____ Exercise inputs

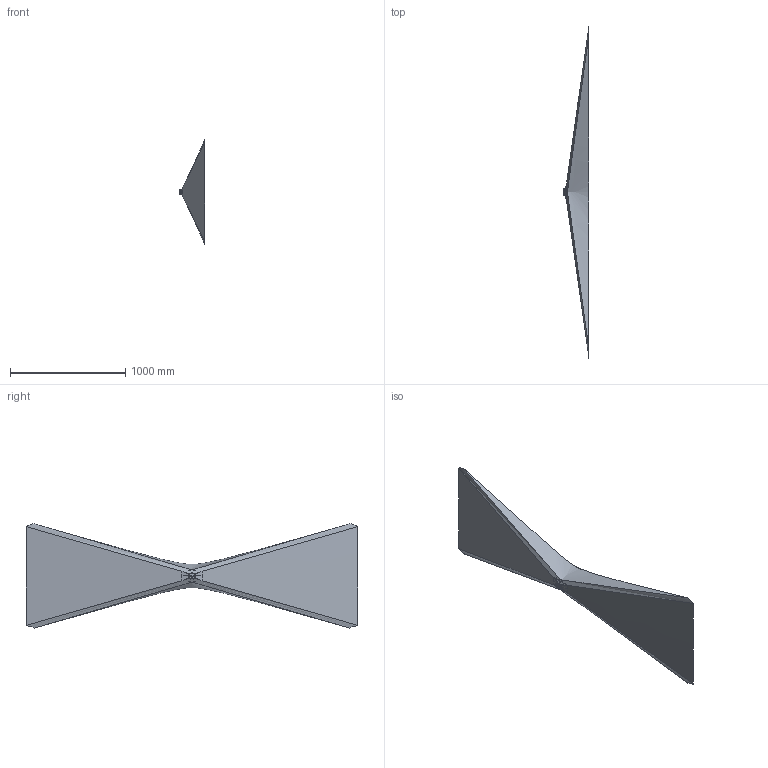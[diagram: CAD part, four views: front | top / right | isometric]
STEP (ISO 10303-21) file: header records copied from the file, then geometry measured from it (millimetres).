
FILE_DESCRIPTION(('CATIA V5 STEP Exchange','CAx-IF Rec.Pracs.--- Model Styling and Organization---1.5--- 2016-08-15','CAx-IF Rec.Pracs.---Supplemental Geometry---1.0---2011-11-01','CAx-IF Rec.Pracs.--- Composite Materials ---1.1---2010-07-15'),'2;1');
FILE_NAME('E:\tmp\ddx\2011206\HELLA_3D_data_LED_position_lamp_SHAPELINE_013-323_tech.stp','2022-01-18T07:30:41+00:00',('none'),('none'),'CATIA Version 5-6 Release 2020 SP3 HF9','CATIA V5 STEP AP214 Edition 3 v2','none');
FILE_SCHEMA(('AUTOMOTIVE_DESIGN { 1 0 10303 214 3 1 1 1 }'));
Products named in the file (1): 10001729514_D10_001
Bounding box: 224.1 x 2879.54 x 903.74 mm (x, y, z)
Surface area: 2302656.4 mm2
Topology: 2 solids, 4 shells, 2310 faces, 5539 edges, 3161 vertices
Faces by surface type: bspline 1413, plane 299, cylinder 293, torus 130, cone 125, sphere 50
Entity records: 136052 total; most frequent: CARTESIAN_POINT 99206, ORIENTED_EDGE 10854, EDGE_CURVE 5457, B_SPLINE_CURVE_WITH_KNOTS 3165, VERTEX_POINT 3161, DIRECTION 2454, EDGE_LOOP 2324, ADVANCED_FACE 2310

________

> _What is needed_
The full listing, transcribed exactly and without its pictures, is the expected result.

> _Output for this task_
[diagram: CAD part, four views: front | top / right | isometric]
STEP (ISO 10303-21) file: header records copied from the file, then geometry measured from it (millimetres).
FILE_DESCRIPTION(('CATIA V5 STEP Exchange','CAx-IF Rec.Pracs.--- Model Styling and Organization---1.5--- 2016-08-15','CAx-IF Rec.Pracs.---Supplemental Geometry---1.0---2011-11-01','CAx-IF Rec.Pracs.--- Composite Materials ---1.1---2010-07-15'),'2;1');
FILE_NAME('E:\tmp\ddx\2011206\HELLA_3D_data_LED_position_lamp_SHAPELINE_013-323_tech.stp','2022-01-18T07:30:41+00:00',('none'),('none'),'CATIA Version 5-6 Release 2020 SP3 HF9','CATIA V5 STEP AP214 Edition 3 v2','none');
FILE_SCHEMA(('AUTOMOTIVE_DESIGN { 1 0 10303 214 3 1 1 1 }'));
Products named in the file (1): 10001729514_D10_001
Bounding box: 224.1 x 2879.54 x 903.74 mm (x, y, z)
Surface area: 2302656.4 mm2
Topology: 2 solids, 4 shells, 2310 faces, 5539 edges, 3161 vertices
Faces by surface type: bspline 1413, plane 299, cylinder 293, torus 130, cone 125, sphere 50
Entity records: 136052 total; most frequent: CARTESIAN_POINT 99206, ORIENTED_EDGE 10854, EDGE_CURVE 5457, B_SPLINE_CURVE_WITH_KNOTS 3165, VERTEX_POINT 3161, DIRECTION 2454, EDGE_LOOP 2324, ADVANCED_FACE 2310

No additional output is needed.